At UCSC. The precomputed MPC score table was downloaded from the gnomAD Broad public bucket at gs://gcp-public-data--gnomad/papers/2026-rmc/gnomad_v4.1.1_mpc.tsv.bgz, companion to the Hail-table release gnomad_v4.1.1_mpc.ht in the same directory. The input TSV contains one row per (locus, alleles, transcript) combination, for 70M rows. Two Python scripts in src/hg/makeDb/scripts/gnomadMpc convert to bigWig/bigBed formats. Build commands are documented in the hg38/gnomadMpc.txt makeDoc file.
The raw data can be explored interactively with the Table Browser or the Data Integrator. For automated access, this track is available via our API. The underlying bigWig and bigBed files are at our download server as a.bw, c.bw, g.bw, t.bw, and mpcOverlaps.bb. Individual positions or whole chromosomes can be extracted with bigWigToBedGraph / bigWigToWig (for the bigWigs) or bigBedToBed (for the bigBed), for example:
bigWigToBedGraph -chrom=chr1 -start=100000 -end=100500 \
http://hgdownload.soe.ucsc.edu/gbdb/hg38/gnomAD/mpc/a.bw stdout
The original MPC table and the accompanying missense constraint regions can be downloaded from the gnomAD downloads page.
Thanks to the gnomAD production team and the Samocha and MacArthur laboratories for generating and releasing the MPC scores.

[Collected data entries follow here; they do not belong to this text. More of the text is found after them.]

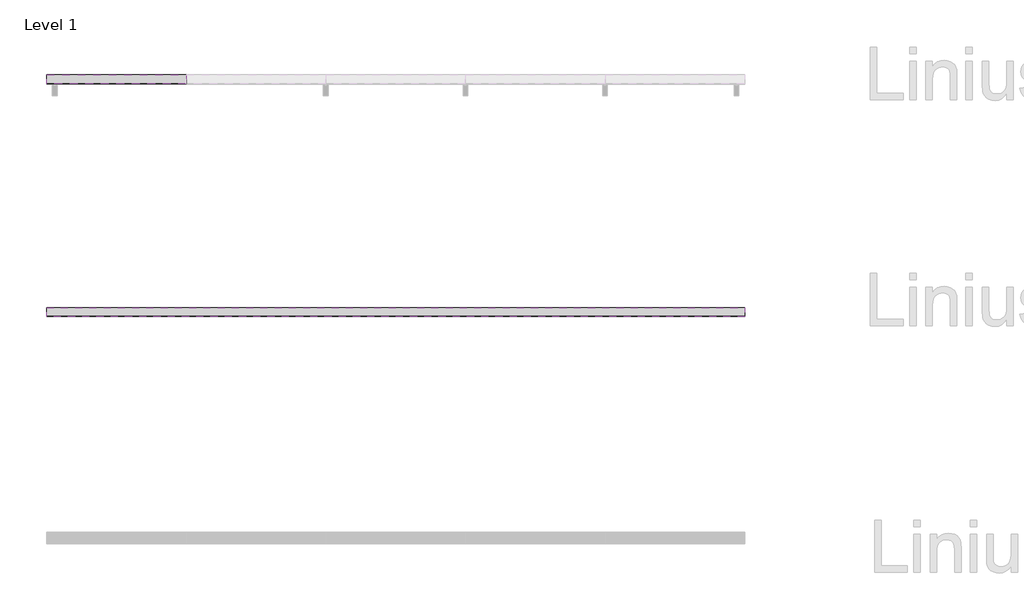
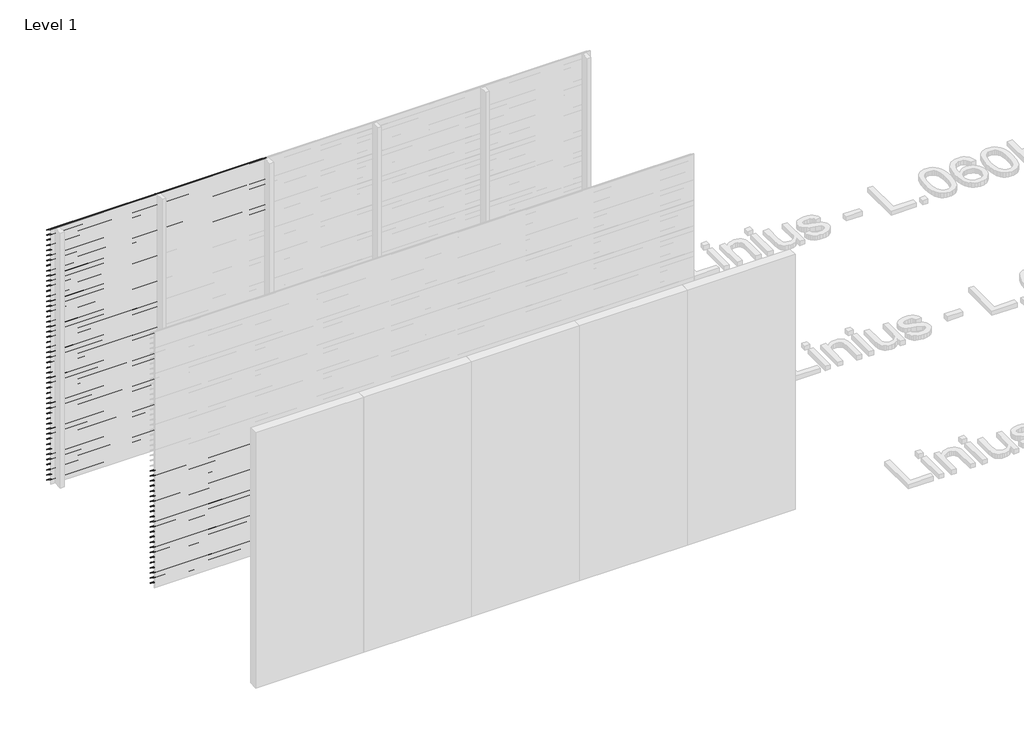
# One storey, part 26 of 153: 85 proxies.
"""IFC4 building model written with IfcOpenShell, lengths in millimetres."""

from ifc_helpers import new_model, si_unit, frame, origin, place, context, project, spatial, polyline, outline, extrude, element, save

model = new_model("IFC4")

# Units and contexts
model_context = context("Model", 3, world=origin())
ifc_project = project(units=[si_unit("LENGTHUNIT", "METRE", prefix="MILLI")], contexts=[model_context])

# Site, building, storey
site = spatial("IfcSite", under=ifc_project)
building = spatial("IfcBuilding", under=site)
storey = spatial("IfcBuildingStorey", under=building, Name="Level 1", Elevation=0.0)

# Proxies
placement = place(None, origin())
element("IfcBuildingElementProxy", 1, Name="Wall Sweeps", at=placement, inside=storey, context=model_context, shape_type="SweptSolid", body=[
    extrude(outline(polyline([(29061.0540136, 2946.0), (29061.0540136, 2940.0), (29059.8040136, 2940.7216933), (29059.8040136, 2945.2538091), (28983.0540136, 2993.9915103), (28983.0540136, 3000.0), (28984.3040136, 3000.0), (28984.3040136, 2994.7377012), (29061.0540136, 2946.0)])), frame((466.6208097, 0.0, 0.0), z_axis=(1.0, 0.0, 0.0), x_axis=(0.0, 1.0, 0.0)), (0.0, 0.0, 1.0), 1200.0000002),
])
element("IfcBuildingElementProxy", 2, Name="Wall Sweeps", at=placement, inside=storey, context=model_context, shape_type="SweptSolid", body=[
    extrude(outline(polyline([(29061.0540136, 2886.0), (29061.0540136, 2880.0), (29059.8040136, 2880.7216933), (29059.8040136, 2885.2538091), (28983.0540136, 2933.9915103), (28983.0540136, 2940.0), (28984.3040136, 2940.0), (28984.3040136, 2934.7377012), (29061.0540136, 2886.0)])), frame((466.6208097, 0.0, 0.0), z_axis=(1.0, 0.0, 0.0), x_axis=(0.0, 1.0, 0.0)), (0.0, 0.0, 1.0), 1200.0000002),
])
element("IfcBuildingElementProxy", 3, Name="Wall Sweeps", at=placement, inside=storey, context=model_context, shape_type="SweptSolid", body=[
    extrude(outline(polyline([(29061.0540136, 2826.0), (29061.0540136, 2820.0), (29059.8040136, 2820.7216933), (29059.8040136, 2825.2538091), (28983.0540136, 2873.9915103), (28983.0540136, 2880.0), (28984.3040136, 2880.0), (28984.3040136, 2874.7377012), (29061.0540136, 2826.0)])), frame((466.6208097, 0.0, 0.0), z_axis=(1.0, 0.0, 0.0), x_axis=(0.0, 1.0, 0.0)), (0.0, 0.0, 1.0), 1200.0000002),
])
element("IfcBuildingElementProxy", 4, Name="Wall Sweeps", at=placement, inside=storey, context=model_context, shape_type="SweptSolid", body=[
    extrude(outline(polyline([(29061.0540136, 2766.0), (29061.0540136, 2760.0), (29059.8040136, 2760.7216933), (29059.8040136, 2765.2538091), (28983.0540136, 2813.9915103), (28983.0540136, 2820.0), (28984.3040136, 2820.0), (28984.3040136, 2814.7377012), (29061.0540136, 2766.0)])), frame((466.6208097, 0.0, 0.0), z_axis=(1.0, 0.0, 0.0), x_axis=(0.0, 1.0, 0.0)), (0.0, 0.0, 1.0), 1200.0000002),
])
element("IfcBuildingElementProxy", 5, Name="Wall Sweeps", at=placement, inside=storey, context=model_context, shape_type="SweptSolid", body=[
    extrude(outline(polyline([(29061.0540136, 2706.0), (29061.0540136, 2700.0), (29059.8040136, 2700.7216933), (29059.8040136, 2705.2538091), (28983.0540136, 2753.9915103), (28983.0540136, 2760.0), (28984.3040136, 2760.0), (28984.3040136, 2754.7377012), (29061.0540136, 2706.0)])), frame((466.6208097, 0.0, 0.0), z_axis=(1.0, 0.0, 0.0), x_axis=(0.0, 1.0, 0.0)), (0.0, 0.0, 1.0), 1200.0000002),
])
element("IfcBuildingElementProxy", 6, Name="Wall Sweeps", at=placement, inside=storey, context=model_context, shape_type="SweptSolid", body=[
    extrude(outline(polyline([(29061.0540136, 2646.0), (29061.0540136, 2640.0), (29059.8040136, 2640.7216933), (29059.8040136, 2645.2538091), (28983.0540136, 2693.9915103), (28983.0540136, 2700.0), (28984.3040136, 2700.0), (28984.3040136, 2694.7377012), (29061.0540136, 2646.0)])), frame((466.6208097, 0.0, 0.0), z_axis=(1.0, 0.0, 0.0), x_axis=(0.0, 1.0, 0.0)), (0.0, 0.0, 1.0), 1200.0000002),
])
element("IfcBuildingElementProxy", 7, Name="Wall Sweeps", at=placement, inside=storey, context=model_context, shape_type="SweptSolid", body=[
    extrude(outline(polyline([(29061.0540136, 2586.0), (29061.0540136, 2580.0), (29059.8040136, 2580.7216933), (29059.8040136, 2585.2538091), (28983.0540136, 2633.9915103), (28983.0540136, 2640.0), (28984.3040136, 2640.0), (28984.3040136, 2634.7377012), (29061.0540136, 2586.0)])), frame((466.6208097, 0.0, 0.0), z_axis=(1.0, 0.0, 0.0), x_axis=(0.0, 1.0, 0.0)), (0.0, 0.0, 1.0), 1200.0000002),
])
element("IfcBuildingElementProxy", 8, Name="Wall Sweeps", at=placement, inside=storey, context=model_context, shape_type="SweptSolid", body=[
    extrude(outline(polyline([(29061.0540136, 2526.0), (29061.0540136, 2520.0), (29059.8040136, 2520.7216933), (29059.8040136, 2525.2538091), (28983.0540136, 2573.9915103), (28983.0540136, 2580.0), (28984.3040136, 2580.0), (28984.3040136, 2574.7377012), (29061.0540136, 2526.0)])), frame((466.6208097, 0.0, 0.0), z_axis=(1.0, 0.0, 0.0), x_axis=(0.0, 1.0, 0.0)), (0.0, 0.0, 1.0), 1200.0000002),
])
element("IfcBuildingElementProxy", 9, Name="Wall Sweeps", at=placement, inside=storey, context=model_context, shape_type="SweptSolid", body=[
    extrude(outline(polyline([(29061.0540136, 2466.0), (29061.0540136, 2460.0), (29059.8040136, 2460.7216933), (29059.8040136, 2465.2538091), (28983.0540136, 2513.9915103), (28983.0540136, 2520.0), (28984.3040136, 2520.0), (28984.3040136, 2514.7377012), (29061.0540136, 2466.0)])), frame((466.6208097, 0.0, 0.0), z_axis=(1.0, 0.0, 0.0), x_axis=(0.0, 1.0, 0.0)), (0.0, 0.0, 1.0), 1200.0000002),
])
element("IfcBuildingElementProxy", 10, Name="Wall Sweeps", at=placement, inside=storey, context=model_context, shape_type="SweptSolid", body=[
    extrude(outline(polyline([(29061.0540136, 2406.0), (29061.0540136, 2400.0), (29059.8040136, 2400.7216933), (29059.8040136, 2405.2538091), (28983.0540136, 2453.9915103), (28983.0540136, 2460.0), (28984.3040136, 2460.0), (28984.3040136, 2454.7377012), (29061.0540136, 2406.0)])), frame((466.6208097, 0.0, 0.0), z_axis=(1.0, 0.0, 0.0), x_axis=(0.0, 1.0, 0.0)), (0.0, 0.0, 1.0), 1200.0000002),
])
element("IfcBuildingElementProxy", 11, Name="Wall Sweeps", at=placement, inside=storey, context=model_context, shape_type="SweptSolid", body=[
    extrude(outline(polyline([(29061.0540136, 2346.0), (29061.0540136, 2340.0), (29059.8040136, 2340.7216933), (29059.8040136, 2345.2538091), (28983.0540136, 2393.9915103), (28983.0540136, 2400.0), (28984.3040136, 2400.0), (28984.3040136, 2394.7377012), (29061.0540136, 2346.0)])), frame((466.6208097, 0.0, 0.0), z_axis=(1.0, 0.0, 0.0), x_axis=(0.0, 1.0, 0.0)), (0.0, 0.0, 1.0), 1200.0000002),
])
element("IfcBuildingElementProxy", 12, Name="Wall Sweeps", at=placement, inside=storey, context=model_context, shape_type="SweptSolid", body=[
    extrude(outline(polyline([(29061.0540136, 2286.0), (29061.0540136, 2280.0), (29059.8040136, 2280.7216933), (29059.8040136, 2285.2538091), (28983.0540136, 2333.9915103), (28983.0540136, 2340.0), (28984.3040136, 2340.0), (28984.3040136, 2334.7377012), (29061.0540136, 2286.0)])), frame((466.6208097, 0.0, 0.0), z_axis=(1.0, 0.0, 0.0), x_axis=(0.0, 1.0, 0.0)), (0.0, 0.0, 1.0), 1200.0000002),
])
element("IfcBuildingElementProxy", 13, Name="Wall Sweeps", at=placement, inside=storey, context=model_context, shape_type="SweptSolid", body=[
    extrude(outline(polyline([(29061.0540136, 2226.0), (29061.0540136, 2220.0), (29059.8040136, 2220.7216933), (29059.8040136, 2225.2538091), (28983.0540136, 2273.9915103), (28983.0540136, 2280.0), (28984.3040136, 2280.0), (28984.3040136, 2274.7377012), (29061.0540136, 2226.0)])), frame((466.6208097, 0.0, 0.0), z_axis=(1.0, 0.0, 0.0), x_axis=(0.0, 1.0, 0.0)), (0.0, 0.0, 1.0), 1200.0000002),
])
element("IfcBuildingElementProxy", 14, Name="Wall Sweeps", at=placement, inside=storey, context=model_context, shape_type="SweptSolid", body=[
    extrude(outline(polyline([(29061.0540136, 2166.0), (29061.0540136, 2160.0), (29059.8040136, 2160.7216933), (29059.8040136, 2165.2538091), (28983.0540136, 2213.9915103), (28983.0540136, 2220.0), (28984.3040136, 2220.0), (28984.3040136, 2214.7377012), (29061.0540136, 2166.0)])), frame((466.6208097, 0.0, 0.0), z_axis=(1.0, 0.0, 0.0), x_axis=(0.0, 1.0, 0.0)), (0.0, 0.0, 1.0), 1200.0000002),
])
element("IfcBuildingElementProxy", 15, Name="Wall Sweeps", at=placement, inside=storey, context=model_context, shape_type="SweptSolid", body=[
    extrude(outline(polyline([(29061.0540136, 2106.0), (29061.0540136, 2100.0), (29059.8040136, 2100.7216933), (29059.8040136, 2105.2538091), (28983.0540136, 2153.9915103), (28983.0540136, 2160.0), (28984.3040136, 2160.0), (28984.3040136, 2154.7377012), (29061.0540136, 2106.0)])), frame((466.6208097, 0.0, 0.0), z_axis=(1.0, 0.0, 0.0), x_axis=(0.0, 1.0, 0.0)), (0.0, 0.0, 1.0), 1200.0000002),
])
element("IfcBuildingElementProxy", 16, Name="Wall Sweeps", at=placement, inside=storey, context=model_context, shape_type="SweptSolid", body=[
    extrude(outline(polyline([(29061.0540136, 2046.0), (29061.0540136, 2040.0), (29059.8040136, 2040.7216933), (29059.8040136, 2045.2538091), (28983.0540136, 2093.9915103), (28983.0540136, 2100.0), (28984.3040136, 2100.0), (28984.3040136, 2094.7377012), (29061.0540136, 2046.0)])), frame((466.6208097, 0.0, 0.0), z_axis=(1.0, 0.0, 0.0), x_axis=(0.0, 1.0, 0.0)), (0.0, 0.0, 1.0), 1200.0000002),
])
element("IfcBuildingElementProxy", 17, Name="Wall Sweeps", at=placement, inside=storey, context=model_context, shape_type="SweptSolid", body=[
    extrude(outline(polyline([(29061.0540136, 1986.0), (29061.0540136, 1980.0), (29059.8040136, 1980.7216933), (29059.8040136, 1985.2538091), (28983.0540136, 2033.9915103), (28983.0540136, 2040.0), (28984.3040136, 2040.0), (28984.3040136, 2034.7377012), (29061.0540136, 1986.0)])), frame((466.6208097, 0.0, 0.0), z_axis=(1.0, 0.0, 0.0), x_axis=(0.0, 1.0, 0.0)), (0.0, 0.0, 1.0), 1200.0000002),
])
element("IfcBuildingElementProxy", 18, Name="Wall Sweeps", at=placement, inside=storey, context=model_context, shape_type="SweptSolid", body=[
    extrude(outline(polyline([(29061.0540136, 1926.0), (29061.0540136, 1920.0), (29059.8040136, 1920.7216933), (29059.8040136, 1925.2538091), (28983.0540136, 1973.9915103), (28983.0540136, 1980.0), (28984.3040136, 1980.0), (28984.3040136, 1974.7377012), (29061.0540136, 1926.0)])), frame((466.6208097, 0.0, 0.0), z_axis=(1.0, 0.0, 0.0), x_axis=(0.0, 1.0, 0.0)), (0.0, 0.0, 1.0), 1200.0000002),
])
element("IfcBuildingElementProxy", 19, Name="Wall Sweeps", at=placement, inside=storey, context=model_context, shape_type="SweptSolid", body=[
    extrude(outline(polyline([(29061.0540136, 1866.0), (29061.0540136, 1860.0), (29059.8040136, 1860.7216933), (29059.8040136, 1865.2538091), (28983.0540136, 1913.9915103), (28983.0540136, 1920.0), (28984.3040136, 1920.0), (28984.3040136, 1914.7377012), (29061.0540136, 1866.0)])), frame((466.6208097, 0.0, 0.0), z_axis=(1.0, 0.0, 0.0), x_axis=(0.0, 1.0, 0.0)), (0.0, 0.0, 1.0), 1200.0000002),
])
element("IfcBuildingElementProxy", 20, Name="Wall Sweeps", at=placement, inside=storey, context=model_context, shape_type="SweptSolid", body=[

Wang L, Chao KR, Panchal R, Liao C, Abderrazzaq H, Ye R, Schultz P, Compitello J, Grant RH, Kosmicki JA, Weisburd B, Phu W, Wilson MW, Laricchia KM, Goodrich JK, Goldstein D, Goldstein JI, Vittal C, Poterba T, Baxter S, Watts NA, Solomonson M, gnomAD consortium, Tiao G, Rehm HL, Neale BM, Talkowski ME, MacArthur DG, O'Donnell-Luria A, Karczewski KJ, Radivojac P, Daly MJ, Samocha KE. The landscape of regional missense mutational intolerance quantified from 730,947 exomes. bioRxiv April 23, 2026; doi: 10.1101/2024.04.11.588920.